I didn’t expect to win.
But I did.

Flippando won the Polygon track. That whole experience probably deserves its own blog post (but that’s, again, for another story).

Hackathon 2: Deeper Into the Rabbit Hole

Winning the first hackathon gave me confidence. So I joined another one — in a new, emerging ecosystem called Saga. I won a small prize, but the real reward was direction.

I refined the contracts.
I abstracted logic.
I made a ton of improvements to the visuals.

People liked it.

More importantly — I liked it.

Every new Solidity pattern I learned wasn’t just a technical upgrade. It was a metaphor.
Interfaces felt like unspoken contracts between people.
Modifiers reminded me of personal boundaries.
And events — the way blockchain sends back rich information — reminded me of how our actions ripple outward.

The Grant and the Multichain Leap

At some point, the game stopped being just mine.

I received a grant.
Flippando became the first beneficiary of the Gno.land grant program.
And I ported the entire game to Gno.

That changed the tempo a bit. For a while, it felt like a detour. I hadn’t launched the game on EVM yet. But here I was — building it in another language.

And it paid off.
I could now clearly observe different coding patterns.
It’s one thing to build on a very limited virtual machine like the EVM.
And it’s something else entirely to build a realm in Gno — where everything feels incredibly more fluid.

That experience only amplified my craving for prime time.

A couple of months later, I refined (for the sixth time, at least) and audited the Solidity code — and deployed.

To make things spicier, I went multichain:
Base. Polygon. Saga. Sonic. Berachain.

Each chain had its quirks — different RPCs, gas limits, deployment scripts.
I wrote wrappers, orchestrated deployments, and built fallback logic.

Suddenly, Solidity was no longer a barrier.
It was just the playground.

Lessons from the Flipping Journey

Learning Solidity wasn’t just about learning a language. It was about unlearning rigidity.

You don’t need to understand everything to build something meaningful.
You just need to start — to flip that first tile.
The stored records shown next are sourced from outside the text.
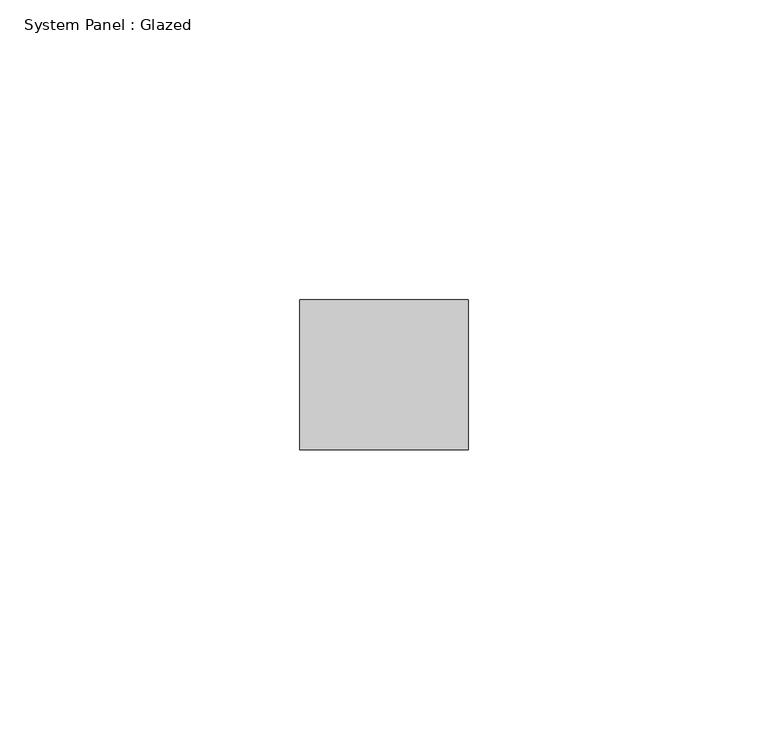
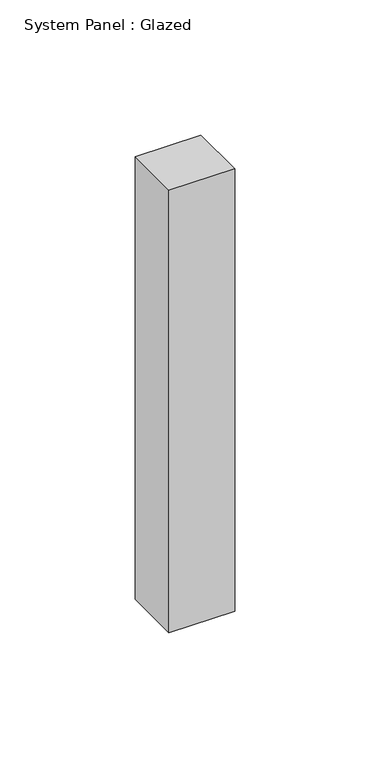
"""IFC4 building model written with IfcOpenShell, lengths in millimetres: plate geometry, System Panel : Glazed."""

from ifc_helpers import new_model, si_unit, origin, origin_with_axes, place, context, project, spatial, polyline, outline, extrude, source, transform, mapped, element, save


def system_panel_glazed_acae83c8(model_context):
    return source(origin(), model_context, "Body", "SweptSolid", [
        extrude(outline(polyline([(14.0474574, 24.5), (-14.0474574, 24.5), (-14.0474574, 49.5), (14.0474574, 49.5), (14.0474574, 24.5)])), origin_with_axes(), (0.0, 0.0, 1.0), 200.0),
    ])


if __name__ == "__main__":
    model = new_model("IFC4")
    model_context = context("Model", 3, world=origin())
    ifc_project = project(units=[si_unit("LENGTHUNIT", "METRE", prefix="MILLI")], contexts=[model_context])
    site = spatial("IfcSite", under=ifc_project)
    building = spatial("IfcBuilding", under=site)
    placement = place(None, origin())
    system_panel_glazed_shape = system_panel_glazed_acae83c8(model_context)
    element("IfcPlate", 1, ObjectType="System Panel : Glazed", at=placement, inside=building, context=model_context, shape_type="MappedRepresentation", body=[
        mapped(system_panel_glazed_shape, transform((0.0, 0.0, 0.0), x_axis=(1.0, 0.0, 0.0), y_axis=(0.0, 1.0, 0.0), z_axis=(0.0, 0.0, 1.0))),
    ])
    save(model, "model.ifc")

# Revit data of these elements
# Element 1 (IfcPlate, "System Panel : Glazed")
#   Materials on its faces: "Glass"
# Materials
#   "Glass": class "Glass", colour RGB 218 227 224, transparency 0.85, Description = "Soda Lime Glass", Cost = 0

Flippando is still evolving.
What began as a weekend project is now a cross-chain memory machine, a tokenized art engine, and a growing community playground.

And I —
I’m still flipping.
Still remembering.
Still learning.

If you’re curious about the game — or if you want to feel what it’s like to flip tiles on a blockchain — check out Flippando on your favorite chain.
And leave some feedback. I read all of it.

Seriously, I do.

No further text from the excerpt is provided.